Proteus natural is not using GPU cores on Mac due to a quality issue. We are working with Apple to address the problem. Once we have confirmation that it is fixed, we will enable the use of the GPU for Proteus Natural.

I will get the GUI team to look into the significant performance loss while using the GUI vs CLI. While there might be some performance loss, 50% is just ridiculous.

As far as single instance/process performance is concerned. There are inter frame dependencies, model input sizing, color correction, blending etc, while the bulk of the load is ANE/GPU bound. Many operations still need to happen on the CPU. In the 4K vs 768x576 example you cite it has more to do with block sizing. A 720p source vs 4K is a better example but I’m sure there might still be perf differences.

Starlight on Mac should be fixed in Mac OS 26.3, if you have access to the betas the latest one should already fix it.

I agree with you about the CLI, I use it all the time myself.
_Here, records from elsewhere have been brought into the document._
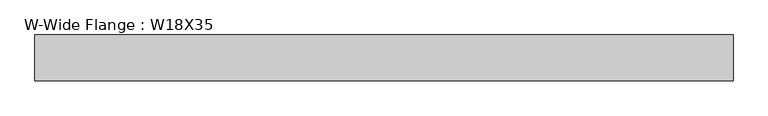
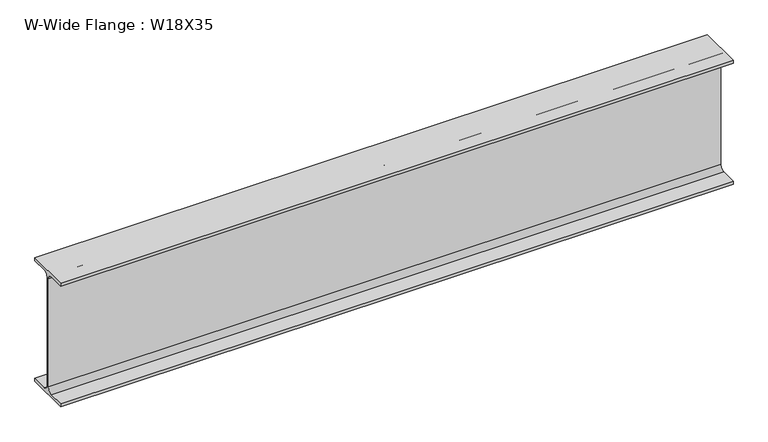
"""IFC4 building model written with IfcOpenShell, lengths in millimetres: beam geometry, W-Wide Flange : W18X35."""

from ifc_helpers import new_model, si_unit, point, frame, frame_2d, origin, place, context, project, spatial, polyline, circle_curve, trimmed, segment, composite_curve, outline, extrude, source, transform, mapped, element, save


def w_wide_flange_w18x35_71e8b52a(model_context):
    return source(origin(), model_context, "Body", "SweptSolid", [
        extrude(outline(composite_curve([segment(polyline([(76.2, -213.995), (76.2, -224.79), (-76.2, -224.79), (-76.2, -213.995), (-21.59, -213.995)]), True, "CONTINUOUS"), segment(trimmed(circle_curve(frame_2d((-21.59, -196.215)), 17.78), [point((-21.59, -213.995))], [point((-3.81, -196.215))], True, "CARTESIAN"), True, "CONTINUOUS"), segment(polyline([(-3.81, -196.215), (-3.81, 196.215)]), True, "CONTINUOUS"), segment(trimmed(circle_curve(frame_2d((-21.59, 196.215)), 17.78), [point((-3.81, 196.215))], [point((-21.59, 213.995))], True, "CARTESIAN"), True, "CONTINUOUS"), segment(polyline([(-21.59, 213.995), (-76.2, 213.995), (-76.2, 224.79), (76.2, 224.79), (76.2, 213.995), (21.59, 213.995)]), True, "CONTINUOUS"), segment(trimmed(circle_curve(frame_2d((21.59, 196.215)), 17.78), [point((21.59, 213.995))], [point((3.81, 196.215))], True, "CARTESIAN"), True, "CONTINUOUS"), segment(polyline([(3.81, 196.215), (3.81, -196.215)]), True, "CONTINUOUS"), segment(trimmed(circle_curve(frame_2d((21.59, -196.215)), 17.78), [point((3.81, -196.215))], [point((21.59, -213.995))], True, "CARTESIAN"), True, "CONTINUOUS"), segment(polyline([(21.59, -213.995), (76.2, -213.995)]), True, "CONTINUOUS")], self_intersect=False)), frame((-1155.7, 0.0, 0.0), z_axis=(1.0, 0.0, 0.0), x_axis=(0.0, 1.0, 0.0)), (0.0, 0.0, 1.0), 2311.4),
    ])


if __name__ == "__main__":
    model = new_model("IFC4")
    model_context = context("Model", 3, world=origin())
    ifc_project = project(units=[si_unit("LENGTHUNIT", "METRE", prefix="MILLI")], contexts=[model_context])
    site = spatial("IfcSite", under=ifc_project)
    building = spatial("IfcBuilding", under=site)
    placement = place(None, origin())
    w_wide_flange_w18x35_shape = w_wide_flange_w18x35_71e8b52a(model_context)
    element("IfcBeam", 1, ObjectType="W-Wide Flange : W18X35", at=placement, inside=building, context=model_context, shape_type="MappedRepresentation", body=[
        mapped(w_wide_flange_w18x35_shape, transform((0.0, 0.0, 0.0), x_axis=(1.0, 0.0, 0.0), y_axis=(0.0, 1.0, 0.0), z_axis=(0.0, 0.0, 1.0))),
    ])
    save(model, "model.ifc")

# Revit data of these elements
# Type "W-Wide Flange : W18X35"
#   Assembly Code = "B10"
#   W = 35
#   Length [instance default] = 5' - 0"
#   bf = 0' - 6"
#   d = 1' - 5.7"
#   k = 0' - 1 1/8"
#   k2 = 0' - 0.7"
#   tf = 0' - 0.425"
#   tw = 0' - 0.3"
#   A = 0.0715278 SF
#   Structural Material [instance default] = Steel ASTM A992
# Element 1 (IfcBeam, "W-Wide Flange : W18X35")
#   Materials on its faces: "Steel ASTM A992"
# Materials
#   "Steel ASTM A992": class "Metal", colour RGB 199 199 199, transparency 0, Description = "Structural steel 50ksi", Cost = 0
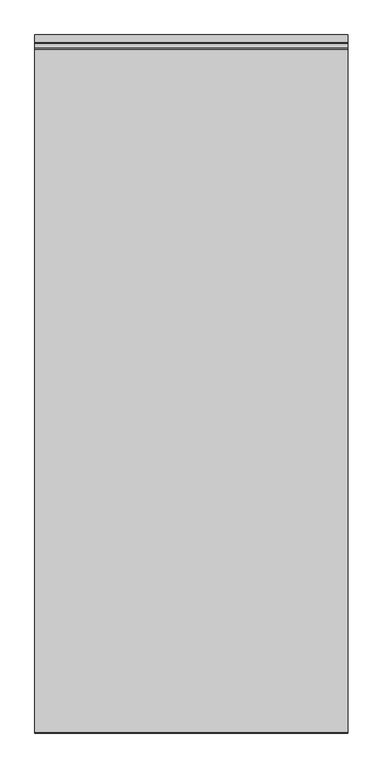
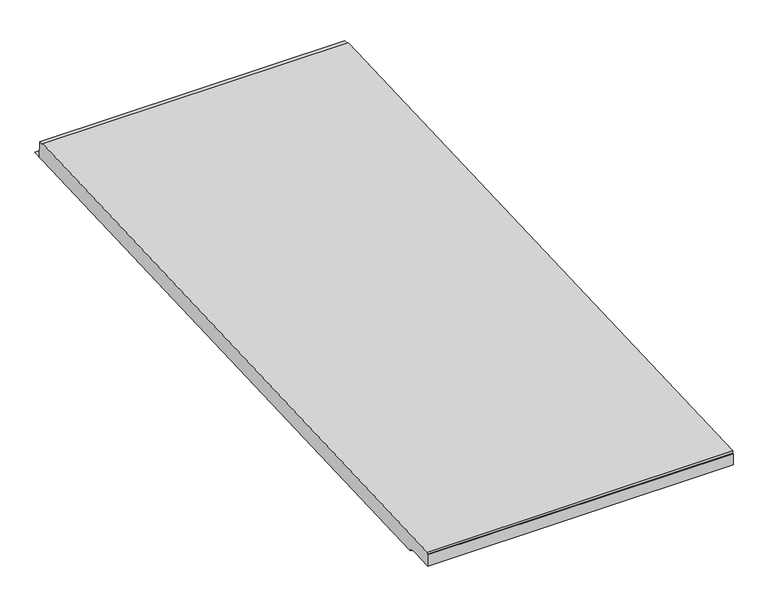
"""IFC4 building model written with IfcOpenShell, lengths in millimetres: proxy geometry, Generic Models 7:Generic Models 1:2:Generic Models 1:2 : Generic Models 7:Generic Models 1:337419:11 : Generic Models 7:Generic Models 1:2:Generic Models 1:2 : Generic Models 7:Generic Models 1:337419:306751."""

from ifc_helpers import new_model, si_unit, frame, origin, place, context, project, spatial, polyline, outline, extrude, source, transform, mapped, element, save


def generic_models_be7492b3(model_context):
    return source(origin(), model_context, "Body", "SweptSolid", [
        extrude(outline(polyline([(-568426.430308, 4390.492563), (-568407.8188757, 4365.8460002), (-568333.9629878, 4368.9233289), (-568323.3888294, 4115.1435284), (-568205.6913841, 4120.0475886), (-568205.6913841, 4116.8698337), (-578587.511845, 3684.2939812), (-578600.6413841, 3729.3727144), (-578603.2165864, 3731.9479167), (-578740.3413841, 3731.9479167), (-579068.9538841, 3718.2557292), (-579068.9538841, 3908.921022), (-579056.2717715, 3909.4494434), (-579057.8578953, 3947.5164135), (-568426.430308, 4390.492563)])), frame((591306.0367239, 0.0, 0.0), z_axis=(1.0, 0.0, 0.0), x_axis=(0.0, 1.0, 0.0)), (0.0, 0.0, 1.0), 4876.8),
    ])


if __name__ == "__main__":
    model = new_model("IFC4")
    model_context = context("Model", 3, world=origin())
    ifc_project = project(units=[si_unit("LENGTHUNIT", "METRE", prefix="MILLI")], contexts=[model_context])
    site = spatial("IfcSite", under=ifc_project)
    building = spatial("IfcBuilding", under=site)
    placement = place(None, origin())
    generic_models_shape = generic_models_be7492b3(model_context)
    element("IfcBuildingElementProxy", 1, Name="Generic Models 7:Generic Models 1:2:Generic Models 1:2 : Generic Models 7:Generic Models 1:337419:11 : Generic Models 7:Generic Models 1:2:Generic Models 1:2 : Generic Models 7:Generic Models 1:337419:306751", ObjectType="Generic Models 7:Generic Models 1:2:Generic Models 1:2 : Generic Models 7:Generic Models 1:337419:11 : Generic Models 7:Generic Models 1:2:Generic Models 1:2 : Generic Models 7:Generic Models 1:337419:306751", at=placement, inside=building, context=model_context, shape_type="MappedRepresentation", body=[
        mapped(generic_models_shape, transform((0.0, 0.0, 0.0), x_axis=(1.0, 0.0, 0.0), y_axis=(0.0, 1.0, 0.0), z_axis=(0.0, 0.0, 1.0))),
    ])
    save(model, "model.ifc")

# Revit data of these elements
# Type "Generic Models 7:Generic Models 1:2:Generic Models 1:2 : Generic Models 7:Generic Models 1:337419:11 : Generic Models 7:Generic Models 1:2:Generic Models 1:2 : Generic Models 7:Generic Models 1:337419:306751"
#   NameOverride = "Generic Models 7:Generic Models 1:2:Generic Models 1:2 : Generic Models 7:Generic Models 1:337419:306751"
#   ObjectTypeOverride = "Generic Models 1:2 : Generic Models 7:Generic Models 1:337419"
#   Reference = "Generic Models 1"
#   Tag = "306751"
# Element 1 (IfcBuildingElementProxy, "Generic Models 7:Generic Models 1:2:Generic Models 1:2 : Generic Models 7:Generic Models 1:337419:11 : Generic Models 7:Generic Models 1:2:Generic Models 1:2 : Generic Models 7:Generic Models 1:337419:306751")
#   Materials on its faces: "SIMPLE SAVER INSULATION WITH LINER - COLOR: BLACK"
# Materials
#   "SIMPLE SAVER INSULATION WITH LINER - COLOR: BLACK": class "Unassigned", colour RGB 158 92 175, transparency 0, Cost = 0

FFmpeg with our plugin will always be available at GitHub - TopazLabs/FFmpeg: Mirror of https://git.ffmpeg.org/ffmpeg.git and you should be able to use it with a valid license.

3 Likes

Many thanks for your reply.

Below is an example of the command I’ve created. In a nutshell here’s what it does in addition to a standard de-interlace and Proteus Natural upscale:

  • Prior to upscaling, create a (horizontal) stack of 5 streams. To picture the arrangement: A B C D E appears first followed by F G H I J etc. where each letter represents a 50-frame segment extracted sequentially from the original stream.

  • That stack stream is then upscaled, which is evidently much more efficient for the ANE having 5 x the original pixels (equal to 1920x1080 if the original was 720x576). That is the key to the speed increase.

  • The upscaled stack is then cropped and interleaved back to the original sequence ABCDEFGHIJ etc.

export TVAI_MODEL_DATA_DIR='/Applications/Topaz Video.app/Contents/Resources/models'
export TVAI_MODEL_DIR='/Applications/Topaz Video.app/Contents/Resources/models'
cd '/Applications/Topaz Video.app/Contents/MacOS'

The command:

fc=50 ; fr=25 ; ./ffmpeg -y -i /Users/Andy/Desktop/Topaz/Source.mkv -r $fr -filter_complex " \
bwdif=mode=0:parity=-1:deint=0,split=5[1][2][3][4][5]; \
[1]select='lt(mod(n,$fc*5),$fc)', \
setpts=N/($fr*TB)[S1]; \
[2]select='between(mod(n,$fc*5),$fc,$fc*2-1)', \
setpts=N/($fr*TB)[S2]; \
[3]select='between(mod(n,$fc*5),$fc*2,$fc*3-1)', \
setpts=N/($fr*TB)[S3]; \
[4]select='between(mod(n,$fc*5),$fc*3,$fc*4-1)', \
setpts=N/($fr*TB)[S4]; \
[5]select='between(mod(n,$fc*5),$fc*4,$fc*5-1)', \
setpts=N/($fr*TB)[S5]; \
[S1][S2][S3][S4][S5]hstack=inputs=5, \
tvai_up=model=pnat-1:scale=2:blend=0.5:device=0:vram=1:instances=1, \
split=5[CS1][CS2][CS3][CS4][CS5]; \
[CS1]crop=iw/5:ih:0:0, \
setpts=(N+floor(N/$fc)*4*$fc)/($fr*TB)[C1]; \
[CS2]crop=iw/5:ih:iw/5:0, \
setpts=($fc+N+floor(N/$fc)*4*$fc)/($fr*TB)[C2]; \
[CS3]crop=iw/5:ih:2*iw/5:0, \
setpts=($fc*2+N+floor(N/$fc)*4*$fc)/($fr*TB)[C3]; \
[CS4]crop=iw/5:ih:3*iw/5:0, \
setpts=($fc*3+N+floor(N/$fc)*4*$fc)/($fr*TB)[C4]; \
[CS5]crop=iw/5:ih:4*iw/5:0, \
setpts=($fc*4+N+floor(N/$fc)*4*$fc)/($fr*TB)[C5]; \
[C1][C2][C3][C4][C5]interleave=nb_inputs=5" \
-c:v prores_videotoolbox -profile:v standard -pix_fmt p210le -allow_sw 1 \
-max_interleave_delta 0 -movflags frag_keyframe+empty_moov+delay_moov+use_metadata_tags+write_colr ~/desktop/Topaz/upscaled.mkv

The actual speed increase will depend on OS version, M chip type and original resolution. I got an 85% speed increase using the stacking method from a 720x576 PAL DVD source on my M3 Ultra running MacOS 26.3 Release Candidate.

Thanks.

Andy